This is a fork of Spark Job Server designed for Amazon EC2. It contains scripts which launch an EC2 cluster, deploy an appropriately configured instance of the job server, and run a sample application.
- Sign up for an Amazon AWS account.
- Assign your access key ID and secret access key to the bash variables AWS_ACCESS_KEY_ID and AWS_SECRET_ACCESS_KEY.
- I recommend doing this by placing the following export statements in your .bashrc file.
- export AWS_ACCESS_KEY_ID=accesskeyId
- export AWS_SECRET_ACCESS_KEY=secretAccessKey
- Copy job-server/config/user-ec2-settings.sh.template to job-server/config/user-ec2-settings.sh and configure it. In particular, set KEY_PAIR to the name of your EC2 key pair and SSH_KEY to the location of the pair's private key.
- I recommend using an ssh key that does not require entering a password on every use. Otherwise, you will need to enter the password many times
- Run bin/ec2_deploy.sh to start the EC2 cluster. Go to the url printed at the end of the script to view the Spark Job Server frontend. Change the port from 8090 to 8080 to view the Spark Standalone Cluster frontend.

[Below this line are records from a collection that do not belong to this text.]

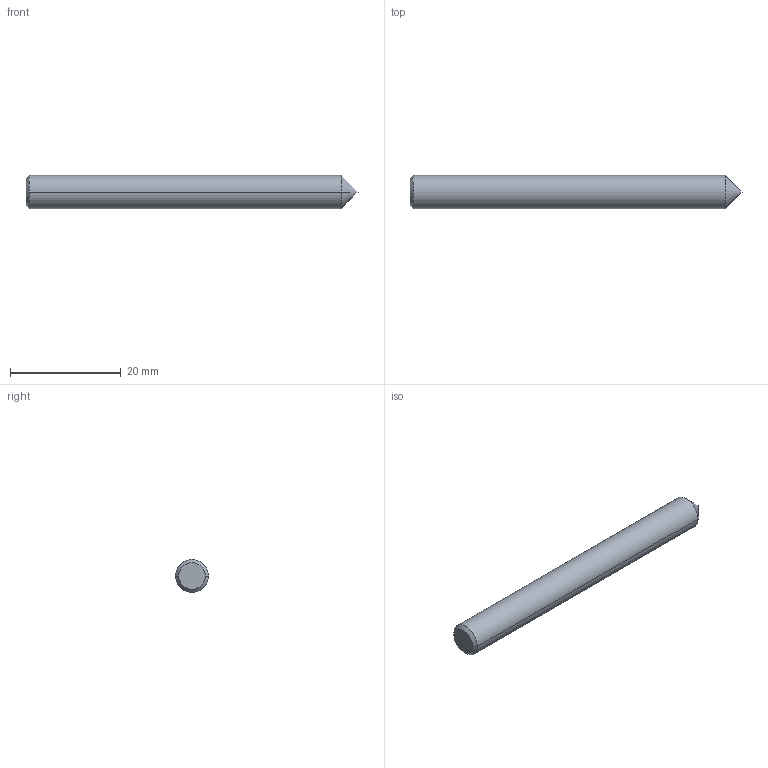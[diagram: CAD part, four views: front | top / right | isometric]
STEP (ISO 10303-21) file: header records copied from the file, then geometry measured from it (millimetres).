
FILE_DESCRIPTION (( 'STEP AP214' ), '1' );
FILE_NAME ('1878.STEP', '2021-06-07T07:35:06', ( '' ), ( '' ), 'SwSTEP 2.0', 'SolidWorks 2014', '' );
FILE_SCHEMA (( 'AUTOMOTIVE_DESIGN' ));
Length unit declared in the file: millimetre
Products named in the file (1): 1878
Bounding box: 60 x 6 x 6 mm (x, y, z)
Volume: 1636.7 mm3; surface area: 1192.1 mm2
Topology: 2 solids, 2 shells, 9 faces, 16 edges, 9 vertices
Faces by surface type: cone 4, plane 3, cylinder 2
Entity records: 328 total; most frequent: DIRECTION 42, CARTESIAN_POINT 33, ORIENTED_EDGE 28, AXIS2_PLACEMENT_3D 18, EDGE_CURVE 14, UNCERTAINTY_MEASURE_WITH_UNIT 11, MECHANICAL_DESIGN_GEOMETRIC_PRESENTATION_REPRESENTATION 10, PRESENTATION_STYLE_ASSIGNMENT 10

- Run bin/ec2_example.sh to setup the example. Go to the url printed at the end of the script to view the example.
- Run bin/ec2_destroy.sh to shutdown the EC2 cluster.
- Start a Spark Context by pressing the "Start Context" button.
- Load data by pressing the "Resample" button. The matrix of scatterplots and category selection dropdown will only appear after loading data from the server.
- It will take approximately 30-35 minutes the first time you press resample after starting a new context. The cluster spends 20 minutes pulling data from an S3 bucket. It spends the rest of the time running the k-means clustering algorithm.
- Subsequent presses will refresh the data in the scatterplots. These presses will take about 10 seconds as the data is reloaded from memory using a NamedRDD.
- After performing the data analysis, shutdown the context by pressing the "Stop Context" button.